Although the power conversion efficiency (PCE) of perovskite solar cells (PSCs) has already reached 26.1%, the interfacial nonradiative recombination losses still limit their development. Self-assembled monolayers (SAMs) as promising hole-selective layers (HSLs) in inverted PSCs enable lossless contacts and minimize interfacial recombination. The development of SAMs based on new functional groups is still in urgent demand. Here we present a novel indolo[3,2-b]carbazole-based SAM with an ethylphosphonic acid anchor, namely 2PICz, as an HSL in inverted PSCs. The use of the indolo[3,2-b]carbazole group distinctly improves the surface wettability of the film, which is beneficial for forming high-coverage perovskite films. Besides, 2PICz shows a favorable energy level alignment with perovskite and reduces the trap density of perovskite film. As a result, PSC employing 2PICz shows a PCE of 25.51% (25.28% certified) with an open-circuit voltage of 1.18?V and good storage stability that maintains 98% PCE in a nitrogen atmosphere for 3000?h and over 87% PCE after heating at 65?°C for 2000?h. In addition, a 1-square centimeter cell shows a PCE of 24.17%. The insights obtained from this study will drive the development of novel SAMs for high-performance solar cells.
Introduction
Perovskite solar cells (PSCs) have received great attention and have been rapidly developed with certified power conversion efficiency (PCE) of 26.1% being achieved to date, comparable to those of silicon solar cells.1–6 The simple solution processing, low manufacturing temperature, and compatibility with flexible and tandem devices make inverted PSCs a promising candidate for commercialization.7–10 Therefore, the development of inverted PSCs is beneficial for the commercial application of PSCs.
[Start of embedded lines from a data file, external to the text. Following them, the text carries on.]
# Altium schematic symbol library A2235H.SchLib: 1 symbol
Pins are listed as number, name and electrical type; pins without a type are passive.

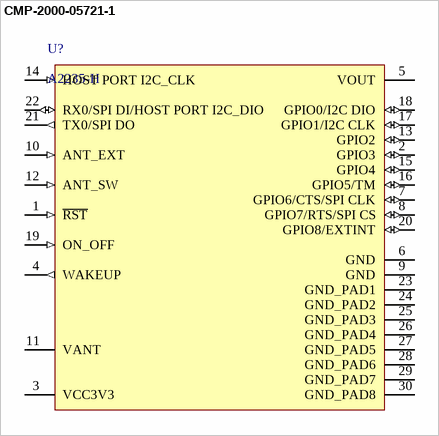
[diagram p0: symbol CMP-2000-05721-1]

## CMP-2000-05721-1
designator U?, comment A2235-H
GPS Antenna Receiver, I2C, UART, 3 to 3.6 V, -40 to 85 degC, 30-Pin SMD, RoHS, Tape and Reel; Manufacturer: Maestro Wireless Solutions; Supply Voltage Max: 3.6V; Supply Voltage Min: 3V; Protocol: NMEA,SiRFBinary; SVHC: ToBeAdvised; Frequency RF: 1.575GHz; No. of Channels: 48Channels; Module Interface: I2C,SPI,UART; Position Accuracy: 2.5m
footprint MAES-A2235-H_V (SMD, 30-Leads, Body 17.78x16.51mm)
pins: 1 ~{RST} (in) "Reset input, active low", 2 GPIO3 (io) "Leave open", 3 VCC3V3 (power) "3.0 - 3.6 V DC", 4 WAKEUP (out) "Status of digital section, Push-Pull output", 5 VOUT (power) "Permanent 1.8V voltage output for up to 20mA current max", 6 GND (power) "Ground (power supply)", 7 GPIO6/CTS/SPI CLK (io), 8 GPIO7/RTS/SPI CS (io), 9 GND (power) "Ground (power supply)", 10 ANT_EXT (in) "Antenna signal", 11 VANT (power) "Power supply antenna - provide according voltage", 12 ANT_SW (in) "Antenna switch", 13 GPIO2 (io) "Leave open", 14 HOST PORT I2C_CLK (in) "Host port I2C clock pin when module works in host port I2C mode", 15 GPIO4 (io) "External interrupt input pin- reserved for future use, leave open", 16 GPIO5/TM (io) "Time Mark - 1PPS signal", 17 GPIO1/I2C CLK (io), 18 GPIO0/I2C DIO (io), 19 ON_OFF (in) "Connect to push-pull output! This is mandatory! Connect it to WAKEUP pin for self-start mode", 20 GPIO8/EXTINT (io), 21 TX0/SPI DO (out), 22 RX0/SPI DI/HOST PORT I2C_DIO (io), 23 GND_PAD1 (power) "Ground", 24 GND_PAD2 (power) "Ground", 25 GND_PAD3 (power) "Ground", 26 GND_PAD4 (power) "Ground", 27 GND_PAD5 (power) "Ground", 28 GND_PAD6 (power) "Ground", 29 GND_PAD7 (power) "Ground", 30 GND_PAD8 (power) "Ground"

However, the record PCE of single junction PSCs still lags behind the Shockley–Queisser limit. One of the main reasons is that undesirable defect formation occurs on the surface and grain boundaries of the polycrystalline perovskite during the film processing, leading to numerous nonradiative recombination centers adverse to the device efficiency and stability.11,12 Hole-transporting materials (HTMs) play a critical role in inverted PSCs in terms of hole extraction and perovskite crystal growth.13–15 The commercial HTM, poly[bis(4-phenyl)(2,4,6-trimethylphenyl]amine (PTAA), has disadvantages of energy level mismatch, batch-to-batch variability, and poor wettability.16,17 Therefore, tremendous efforts have been undertaken to develop novel HTMs for inverted PSCs as a substitute for PTAA.18–20
Recently, the PCE of inverted PSCs has been rapidly improved by using self-assembled monolayers (SAMs) as hole-selective layers (HSLs).21–23 SAMs also have advantages of facile processability, low cost, and minimal material consumption. SAMs can bond to the surface of a substrate and spontaneously form ultrathin layers. To date, the most popular SAMs employed in inverted PSCs are [2-(9H-carbazol-9-yl)ethyl]phosphonic acid (2PACz),24 [4-(3,6-dimethyl-9H-carbazol-9-yl)butyl]phosphonic acid (Me-4PACz),25 and [2-(3,6-dimethoxy-9H-carbazol-9-yl)ethyl]phosphonic acid (MeO-2PACz).26 Due to less optical interference, the fluorine-doped tin oxide (FTO) substrate was found to have higher photocurrent in replacing indium tin oxide (ITO) substrate for SAMs adsorption in inverted PSCs.27 However, the cluster formation during the adsorption process of SAMs on FTO substrate easily leads to the inhomogeneity of SAM.28 Several strategies, such as utilizing ultrathin oxide layer,29 co-adsorption strategy,28 and thermal evaporation technique,30 have been proposed to solve this problem. Furthermore, the development of novel SAMs with different functional groups is also an important means.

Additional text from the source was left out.